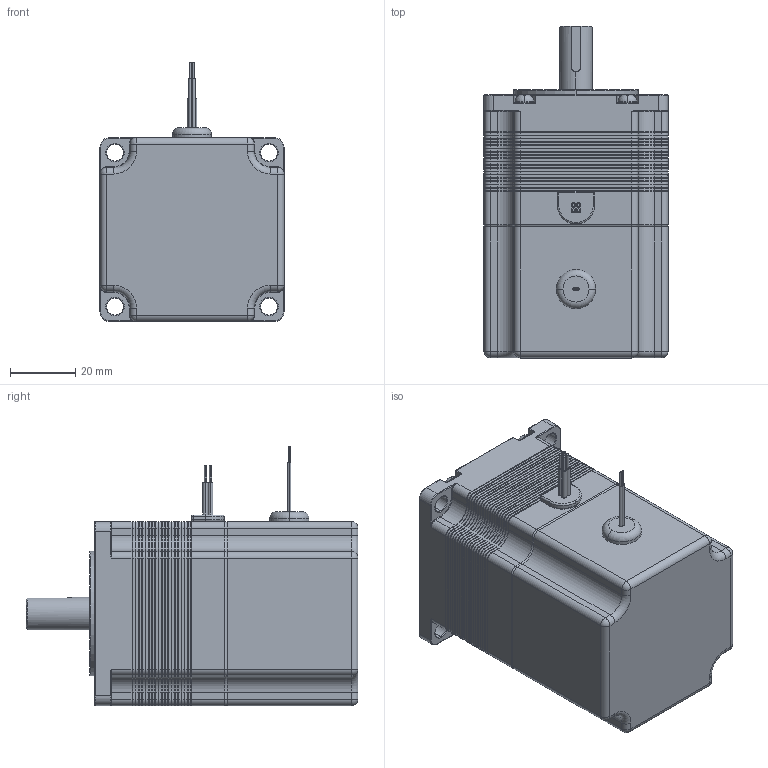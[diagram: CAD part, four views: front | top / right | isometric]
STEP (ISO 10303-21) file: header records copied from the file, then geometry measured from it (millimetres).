
FILE_DESCRIPTION (( 'STEP AP214' ), '1' );
FILE_NAME ('Nema 23 Stepper Motor length 41mm_10mm_key_BRK.STEP', '2020-11-11T13:34:01', ( 'Moofasta' ), ( '' ), 'SwSTEP 2.0', 'SolidWorks 2020', '' );
FILE_SCHEMA (( 'AUTOMOTIVE_DESIGN' ));
Length unit declared in the file: millimetre
Products named in the file (1): Nema 23 Stepper Motor length 41mm_10mm_key_BRK
Bounding box: 56.3 x 101.5 x 79.3 mm (x, y, z)
Volume: 233469.8 mm3; surface area: 134032.9 mm2
Topology: 34 solids, 35 shells, 1880 faces, 4285 edges, 2459 vertices
Faces by surface type: plane 877, cone 460, cylinder 415, torus 100, sphere 20, bspline 8
Entity records: 69020 total; most frequent: DIRECTION 9370, CARTESIAN_POINT 9077, ORIENTED_EDGE 8514, EDGE_CURVE 4257, AXIS2_PLACEMENT_3D 3316, VECTOR 2738, LINE 2738, VERTEX_POINT 2459
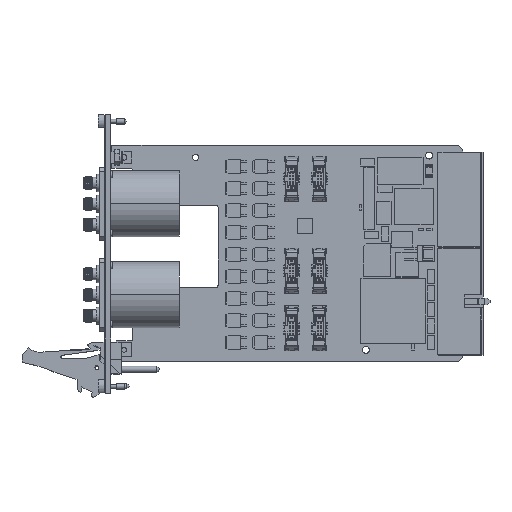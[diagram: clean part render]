
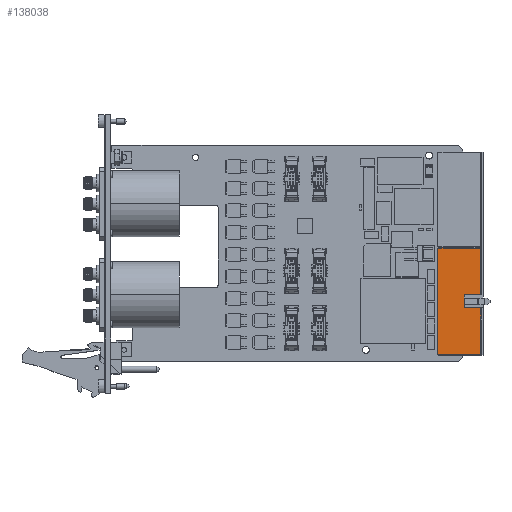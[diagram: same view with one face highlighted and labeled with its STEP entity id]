
A CAD part, top view. The second image highlights one B-rep face of the part: STEP entity #138038.
In plain terms, the highlighted planar face has unit normal (0, 0, 1).
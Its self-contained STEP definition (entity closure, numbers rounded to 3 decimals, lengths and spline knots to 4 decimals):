
#25607=DIRECTION('',(1.,0.,0.));
#25608=VECTOR('',#25607,0.7776);
#25609=CARTESIAN_POINT('',(5.8453,-3.7997,
0.3573));
#25610=LINE('',#25609,#25608);
#25619=DIRECTION('',(1.,0.,0.));
#25620=VECTOR('',#25619,0.7776);
#25621=CARTESIAN_POINT('',(5.8453,-1.8706,
0.3573));
#25622=LINE('',#25621,#25620);
#25943=DIRECTION('',(0.,1.,0.));
#25944=VECTOR('',#25943,0.8446);
#25945=CARTESIAN_POINT('',(6.6229,-3.7997,
0.3573));
#25946=LINE('',#25945,#25944);
#25947=DIRECTION('',(-1.,0.,0.));
#25948=VECTOR('',#25947,0.3031);
#25949=CARTESIAN_POINT('',(6.6229,-2.7151,
0.3573));
#25950=LINE('',#25949,#25948);
#25951=DIRECTION('',(0.,-1.,0.));
#25952=VECTOR('',#25951,0.06);
#25953=CARTESIAN_POINT('',(6.3197,-2.7151,
0.3573));
#25954=LINE('',#25953,#25952);
#25955=DIRECTION('',(0.,-1.,0.));
#25956=VECTOR('',#25955,0.06);
#25957=CARTESIAN_POINT('',(6.3197,-2.8951,
0.3573));
#25958=LINE('',#25957,#25956);
#25959=DIRECTION('',(-1.,0.,0.));
#25960=VECTOR('',#25959,0.3031);
#25961=CARTESIAN_POINT('',(6.6229,-2.9551,
0.3573));
#25962=LINE('',#25961,#25960);
#25963=DIRECTION('',(0.,1.,0.));
#25964=VECTOR('',#25963,1.9291);
#25965=CARTESIAN_POINT('',(5.8453,-3.7997,
0.3573));
#25966=LINE('',#25965,#25964);
#26011=DIRECTION('',(0.,1.,0.));
#26012=VECTOR('',#26011,0.12);
#26013=CARTESIAN_POINT('',(6.3197,-2.8951,
0.3573));
#26014=LINE('',#26013,#26012);
#26035=DIRECTION('',(0.,1.,0.));
#26036=VECTOR('',#26035,0.8446);
#26037=CARTESIAN_POINT('',(6.6229,-2.7151,
0.3573));
#26038=LINE('',#26037,#26036);
#85413=CARTESIAN_POINT('',(5.8453,-3.7997,
0.3573));
#85414=CARTESIAN_POINT('',(6.6229,-3.7997,
0.3573));
#85415=VERTEX_POINT('',#85413);
#85416=VERTEX_POINT('',#85414);
#85417=CARTESIAN_POINT('',(5.8453,-1.8706,
0.3573));
#85418=CARTESIAN_POINT('',(6.6229,-1.8706,
0.3573));
#85419=VERTEX_POINT('',#85417);
#85420=VERTEX_POINT('',#85418);
#85429=CARTESIAN_POINT('',(6.6229,-2.7151,
0.3573));
#85430=CARTESIAN_POINT('',(6.3197,-2.7151,
0.3573));
#85431=VERTEX_POINT('',#85429);
#85432=VERTEX_POINT('',#85430);
#85433=CARTESIAN_POINT('',(6.3197,-2.7751,
0.3573));
#85434=VERTEX_POINT('',#85433);
#85435=CARTESIAN_POINT('',(6.6229,-2.9551,
0.3573));
#85436=CARTESIAN_POINT('',(6.3197,-2.9551,
0.3573));
#85437=VERTEX_POINT('',#85435);
#85438=VERTEX_POINT('',#85436);
#85439=CARTESIAN_POINT('',(6.3197,-2.8951,
0.3573));
#85440=VERTEX_POINT('',#85439);
#138017=CARTESIAN_POINT('',(5.8453,-3.7997,
0.3573));
#138018=DIRECTION('',(0.,0.,1.));
#138019=DIRECTION('',(1.,0.,0.));
#138020=AXIS2_PLACEMENT_3D('',#138017,#138018,#138019);
#138021=PLANE('',#138020);
#138023=ORIENTED_EDGE('',*,*,#138022,.T.);
#138025=ORIENTED_EDGE('',*,*,#138024,.T.);
#138027=ORIENTED_EDGE('',*,*,#138026,.F.);
#138028=ORIENTED_EDGE('',*,*,#137956,.T.);
#138029=ORIENTED_EDGE('',*,*,#137973,.F.);
#138030=ORIENTED_EDGE('',*,*,#138012,.F.);
#138031=ORIENTED_EDGE('',*,*,#137509,.F.);
#138032=ORIENTED_EDGE('',*,*,#137527,.T.);
#138033=ORIENTED_EDGE('',*,*,#137545,.T.);
#138035=ORIENTED_EDGE('',*,*,#138034,.F.);
#138036=EDGE_LOOP('',(#138023,#138025,#138027,#138028,#138029,#138030,#138031,
#138032,#138033,#138035));
#138037=FACE_OUTER_BOUND('',#138036,.F.);
#138038=ADVANCED_FACE('',(#138037),#138021,.T.);
#137509=EDGE_CURVE('',#85415,#85416,#25610,.T.);
#137527=EDGE_CURVE('',#85415,#85419,#25966,.T.);
#137545=EDGE_CURVE('',#85419,#85420,#25622,.T.);
#137956=EDGE_CURVE('',#85440,#85438,#25958,.T.);
#137973=EDGE_CURVE('',#85437,#85438,#25962,.T.);
#138012=EDGE_CURVE('',#85416,#85437,#25946,.T.);
#138022=EDGE_CURVE('',#85431,#85432,#25950,.T.);
#138024=EDGE_CURVE('',#85432,#85434,#25954,.T.);
#138026=EDGE_CURVE('',#85440,#85434,#26014,.T.);
#138034=EDGE_CURVE('',#85431,#85420,#26038,.T.);
........
> [GOAL OF THE EXERCISE] Copy out the listing above in full and keep the pictures out.

> [RESPONSE TO THIS EXERCISE]
[diagram: CAD part, four views: front | top / right | isometric]
STEP (ISO 10303-21) file: header records copied from the file, then geometry measured from it (millimetres).
FILE_DESCRIPTION (( 'STEP AP214' ), '1' );
FILE_NAME ('Nema 23 Stepper Motor length 41mm_10mm_key_BRK.STEP', '2020-11-11T13:34:01', ( 'Moofasta' ), ( '' ), 'SwSTEP 2.0', 'SolidWorks 2020', '' );
FILE_SCHEMA (( 'AUTOMOTIVE_DESIGN' ));
Length unit declared in the file: millimetre
Products named in the file (1): Nema 23 Stepper Motor length 41mm_10mm_key_BRK
Bounding box: 56.3 x 101.5 x 79.3 mm (x, y, z)
Volume: 233469.8 mm3; surface area: 134032.9 mm2
Topology: 34 solids, 35 shells, 1880 faces, 4285 edges, 2459 vertices
Faces by surface type: plane 877, cone 460, cylinder 415, torus 100, sphere 20, bspline 8
Entity records: 69020 total; most frequent: DIRECTION 9370, CARTESIAN_POINT 9077, ORIENTED_EDGE 8514, EDGE_CURVE 4257, AXIS2_PLACEMENT_3D 3316, VECTOR 2738, LINE 2738, VERTEX_POINT 2459
[diagram: clean part render]
[diagram: same view with one face highlighted and labeled with its STEP entity id]
A CAD part, top view. The second image highlights one B-rep face of the part: STEP entity #138038.
In plain terms, the highlighted planar face has unit normal (0, 0, 1).
Its self-contained STEP definition (entity closure, numbers rounded to 3 decimals, lengths and spline knots to 4 decimals):
#25607=DIRECTION('',(1.,0.,0.));
#25608=VECTOR('',#25607,0.7776);
#25609=CARTESIAN_POINT('',(5.8453,-3.7997,
0.3573));
#25610=LINE('',#25609,#25608);
#25619=DIRECTION('',(1.,0.,0.));
#25620=VECTOR('',#25619,0.7776);
#25621=CARTESIAN_POINT('',(5.8453,-1.8706,
0.3573));
#25622=LINE('',#25621,#25620);
#25943=DIRECTION('',(0.,1.,0.));
#25944=VECTOR('',#25943,0.8446);
#25945=CARTESIAN_POINT('',(6.6229,-3.7997,
0.3573));
#25946=LINE('',#25945,#25944);
#25947=DIRECTION('',(-1.,0.,0.));
#25948=VECTOR('',#25947,0.3031);
#25949=CARTESIAN_POINT('',(6.6229,-2.7151,
0.3573));
#25950=LINE('',#25949,#25948);
#25951=DIRECTION('',(0.,-1.,0.));
#25952=VECTOR('',#25951,0.06);
#25953=CARTESIAN_POINT('',(6.3197,-2.7151,
0.3573));
#25954=LINE('',#25953,#25952);
#25955=DIRECTION('',(0.,-1.,0.));
#25956=VECTOR('',#25955,0.06);
#25957=CARTESIAN_POINT('',(6.3197,-2.8951,
0.3573));
#25958=LINE('',#25957,#25956);
#25959=DIRECTION('',(-1.,0.,0.));
#25960=VECTOR('',#25959,0.3031);
#25961=CARTESIAN_POINT('',(6.6229,-2.9551,
0.3573));
#25962=LINE('',#25961,#25960);
#25963=DIRECTION('',(0.,1.,0.));
#25964=VECTOR('',#25963,1.9291);
#25965=CARTESIAN_POINT('',(5.8453,-3.7997,
0.3573));
#25966=LINE('',#25965,#25964);
#26011=DIRECTION('',(0.,1.,0.));
#26012=VECTOR('',#26011,0.12);
#26013=CARTESIAN_POINT('',(6.3197,-2.8951,
0.3573));
#26014=LINE('',#26013,#26012);
#26035=DIRECTION('',(0.,1.,0.));
#26036=VECTOR('',#26035,0.8446);
#26037=CARTESIAN_POINT('',(6.6229,-2.7151,
0.3573));
#26038=LINE('',#26037,#26036);
#85413=CARTESIAN_POINT('',(5.8453,-3.7997,
0.3573));
#85414=CARTESIAN_POINT('',(6.6229,-3.7997,
0.3573));
#85415=VERTEX_POINT('',#85413);
#85416=VERTEX_POINT('',#85414);
#85417=CARTESIAN_POINT('',(5.8453,-1.8706,
0.3573));
#85418=CARTESIAN_POINT('',(6.6229,-1.8706,
0.3573));
#85419=VERTEX_POINT('',#85417);
#85420=VERTEX_POINT('',#85418);
#85429=CARTESIAN_POINT('',(6.6229,-2.7151,
0.3573));
#85430=CARTESIAN_POINT('',(6.3197,-2.7151,
0.3573));
#85431=VERTEX_POINT('',#85429);
#85432=VERTEX_POINT('',#85430);
#85433=CARTESIAN_POINT('',(6.3197,-2.7751,
0.3573));
#85434=VERTEX_POINT('',#85433);
#85435=CARTESIAN_POINT('',(6.6229,-2.9551,
0.3573));
#85436=CARTESIAN_POINT('',(6.3197,-2.9551,
0.3573));
#85437=VERTEX_POINT('',#85435);
#85438=VERTEX_POINT('',#85436);
#85439=CARTESIAN_POINT('',(6.3197,-2.8951,
0.3573));
#85440=VERTEX_POINT('',#85439);
#138017=CARTESIAN_POINT('',(5.8453,-3.7997,
0.3573));
#138018=DIRECTION('',(0.,0.,1.));
#138019=DIRECTION('',(1.,0.,0.));
#138020=AXIS2_PLACEMENT_3D('',#138017,#138018,#138019);
#138021=PLANE('',#138020);
#138023=ORIENTED_EDGE('',*,*,#138022,.T.);
#138025=ORIENTED_EDGE('',*,*,#138024,.T.);
#138027=ORIENTED_EDGE('',*,*,#138026,.F.);
#138028=ORIENTED_EDGE('',*,*,#137956,.T.);
#138029=ORIENTED_EDGE('',*,*,#137973,.F.);
#138030=ORIENTED_EDGE('',*,*,#138012,.F.);
#138031=ORIENTED_EDGE('',*,*,#137509,.F.);
#138032=ORIENTED_EDGE('',*,*,#137527,.T.);
#138033=ORIENTED_EDGE('',*,*,#137545,.T.);
#138035=ORIENTED_EDGE('',*,*,#138034,.F.);
#138036=EDGE_LOOP('',(#138023,#138025,#138027,#138028,#138029,#138030,#138031,
#138032,#138033,#138035));
#138037=FACE_OUTER_BOUND('',#138036,.F.);
#138038=ADVANCED_FACE('',(#138037),#138021,.T.);
#137509=EDGE_CURVE('',#85415,#85416,#25610,.T.);
#137527=EDGE_CURVE('',#85415,#85419,#25966,.T.);
#137545=EDGE_CURVE('',#85419,#85420,#25622,.T.);
#137956=EDGE_CURVE('',#85440,#85438,#25958,.T.);
#137973=EDGE_CURVE('',#85437,#85438,#25962,.T.);
#138012=EDGE_CURVE('',#85416,#85437,#25946,.T.);
#138022=EDGE_CURVE('',#85431,#85432,#25950,.T.);
#138024=EDGE_CURVE('',#85432,#85434,#25954,.T.);
#138026=EDGE_CURVE('',#85440,#85434,#26014,.T.);
#138034=EDGE_CURVE('',#85431,#85420,#26038,.T.);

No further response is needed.